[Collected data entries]
——————————
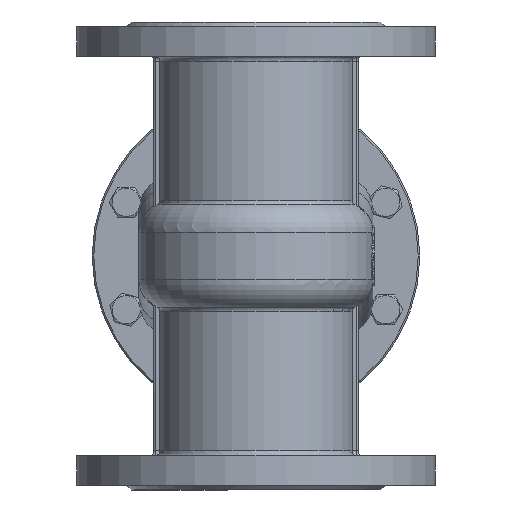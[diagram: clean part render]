
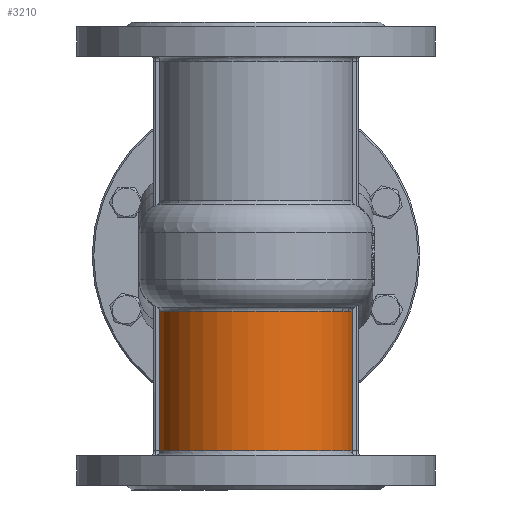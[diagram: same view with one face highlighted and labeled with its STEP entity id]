
A CAD part, front view. The second image highlights one B-rep face of the part: STEP entity #3210.
In plain terms, the highlighted cylindrical face has radius 62.5 mm (diameter 125 mm), a partial arc.
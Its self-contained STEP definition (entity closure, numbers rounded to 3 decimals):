
#3210=ADVANCED_FACE('',(#10904),#10906,.T.);
#10904=FACE_BOUND('',#10905,.T.);
#10905=EDGE_LOOP('',(#17736,#17737,#17738,#17739));
#10906=CYLINDRICAL_SURFACE('',#10907,62.5);
#10907=AXIS2_PLACEMENT_3D('',#10908,#10909,#10910);
#10908=CARTESIAN_POINT('',(0.,0.,-129.));
#10909=DIRECTION('',(0.,0.,1.));
#10910=DIRECTION('',(-0.987,-0.16,0.));
#17736=ORIENTED_EDGE('',*,*,#20984,.F.);
#17737=ORIENTED_EDGE('',*,*,#20762,.T.);
#17738=ORIENTED_EDGE('',*,*,#20758,.F.);
#17739=ORIENTED_EDGE('',*,*,#20777,.F.);
#20758=EDGE_CURVE('',#23394,#23396,#23397,.T.);
#20762=EDGE_CURVE('',#23400,#23396,#23403,.T.);
#20777=EDGE_CURVE('',#23426,#23394,#23428,.T.);
#20984=EDGE_CURVE('',#23400,#23426,#23759,.F.);
#23394=VERTEX_POINT('',#33201);
#23396=VERTEX_POINT('',#33277);
#23397=CIRCLE('',#33278,62.5);
#23400=VERTEX_POINT('',#33361);
#23403=LINE('',#33368,#33369);
#23426=VERTEX_POINT('',#33487);
#23428=LINE('',#33491,#33492);
#23759=CIRCLE('',#37240,62.5);
#33201=CARTESIAN_POINT('',(-61.695,-10.,-35.463));
#33277=CARTESIAN_POINT('',(61.695,-10.,-35.463));
#33278=AXIS2_PLACEMENT_3D('',#33279,#33280,#33281);
#33279=CARTESIAN_POINT('',(0.,0.,-35.463));
#33280=DIRECTION('',(0.,0.,1.));
#33281=DIRECTION('',(-0.987,-0.16,0.));
#33361=CARTESIAN_POINT('',(61.695,-10.,-125.));
#33368=CARTESIAN_POINT('',(61.695,-10.,-125.));
#33369=VECTOR('',#33370,1.);
#33370=DIRECTION('',(0.,0.,1.));
#33487=CARTESIAN_POINT('',(-61.695,-10.,-125.));
#33491=CARTESIAN_POINT('',(-61.695,-10.,-125.));
#33492=VECTOR('',#33493,1.);
#33493=DIRECTION('',(0.,0.,1.));
#37240=AXIS2_PLACEMENT_3D('',#37241,#37242,#37243);
#37241=CARTESIAN_POINT('',(0.,0.,-125.));
#37242=DIRECTION('',(0.,0.,1.));
#37243=DIRECTION('',(-0.987,-0.16,0.));
——————————
#### PROBLEM REQUIREMENTS:
What is needed is an exact copy of each line from the top of the data above through the line containing "#37240=AXIS2_PLACEMENT_3D('',#37241,#37242,#37243);", with no pictures.

#### WRITTEN ANSWER:
[diagram: clean part render]
[diagram: same view with one face highlighted and labeled with its STEP entity id]
A CAD part, front view. The second image highlights one B-rep face of the part: STEP entity #3210.
In plain terms, the highlighted cylindrical face has radius 62.5 mm (diameter 125 mm), a partial arc.
Its self-contained STEP definition (entity closure, numbers rounded to 3 decimals):
#3210=ADVANCED_FACE('',(#10904),#10906,.T.);
#10904=FACE_BOUND('',#10905,.T.);
#10905=EDGE_LOOP('',(#17736,#17737,#17738,#17739));
#10906=CYLINDRICAL_SURFACE('',#10907,62.5);
#10907=AXIS2_PLACEMENT_3D('',#10908,#10909,#10910);
#10908=CARTESIAN_POINT('',(0.,0.,-129.));
#10909=DIRECTION('',(0.,0.,1.));
#10910=DIRECTION('',(-0.987,-0.16,0.));
#17736=ORIENTED_EDGE('',*,*,#20984,.F.);
#17737=ORIENTED_EDGE('',*,*,#20762,.T.);
#17738=ORIENTED_EDGE('',*,*,#20758,.F.);
#17739=ORIENTED_EDGE('',*,*,#20777,.F.);
#20758=EDGE_CURVE('',#23394,#23396,#23397,.T.);
#20762=EDGE_CURVE('',#23400,#23396,#23403,.T.);
#20777=EDGE_CURVE('',#23426,#23394,#23428,.T.);
#20984=EDGE_CURVE('',#23400,#23426,#23759,.F.);
#23394=VERTEX_POINT('',#33201);
#23396=VERTEX_POINT('',#33277);
#23397=CIRCLE('',#33278,62.5);
#23400=VERTEX_POINT('',#33361);
#23403=LINE('',#33368,#33369);
#23426=VERTEX_POINT('',#33487);
#23428=LINE('',#33491,#33492);
#23759=CIRCLE('',#37240,62.5);
#33201=CARTESIAN_POINT('',(-61.695,-10.,-35.463));
#33277=CARTESIAN_POINT('',(61.695,-10.,-35.463));
#33278=AXIS2_PLACEMENT_3D('',#33279,#33280,#33281);
#33279=CARTESIAN_POINT('',(0.,0.,-35.463));
#33280=DIRECTION('',(0.,0.,1.));
#33281=DIRECTION('',(-0.987,-0.16,0.));
#33361=CARTESIAN_POINT('',(61.695,-10.,-125.));
#33368=CARTESIAN_POINT('',(61.695,-10.,-125.));
#33369=VECTOR('',#33370,1.);
#33370=DIRECTION('',(0.,0.,1.));
#33487=CARTESIAN_POINT('',(-61.695,-10.,-125.));
#33491=CARTESIAN_POINT('',(-61.695,-10.,-125.));
#33492=VECTOR('',#33493,1.);
#33493=DIRECTION('',(0.,0.,1.));
#37240=AXIS2_PLACEMENT_3D('',#37241,#37242,#37243);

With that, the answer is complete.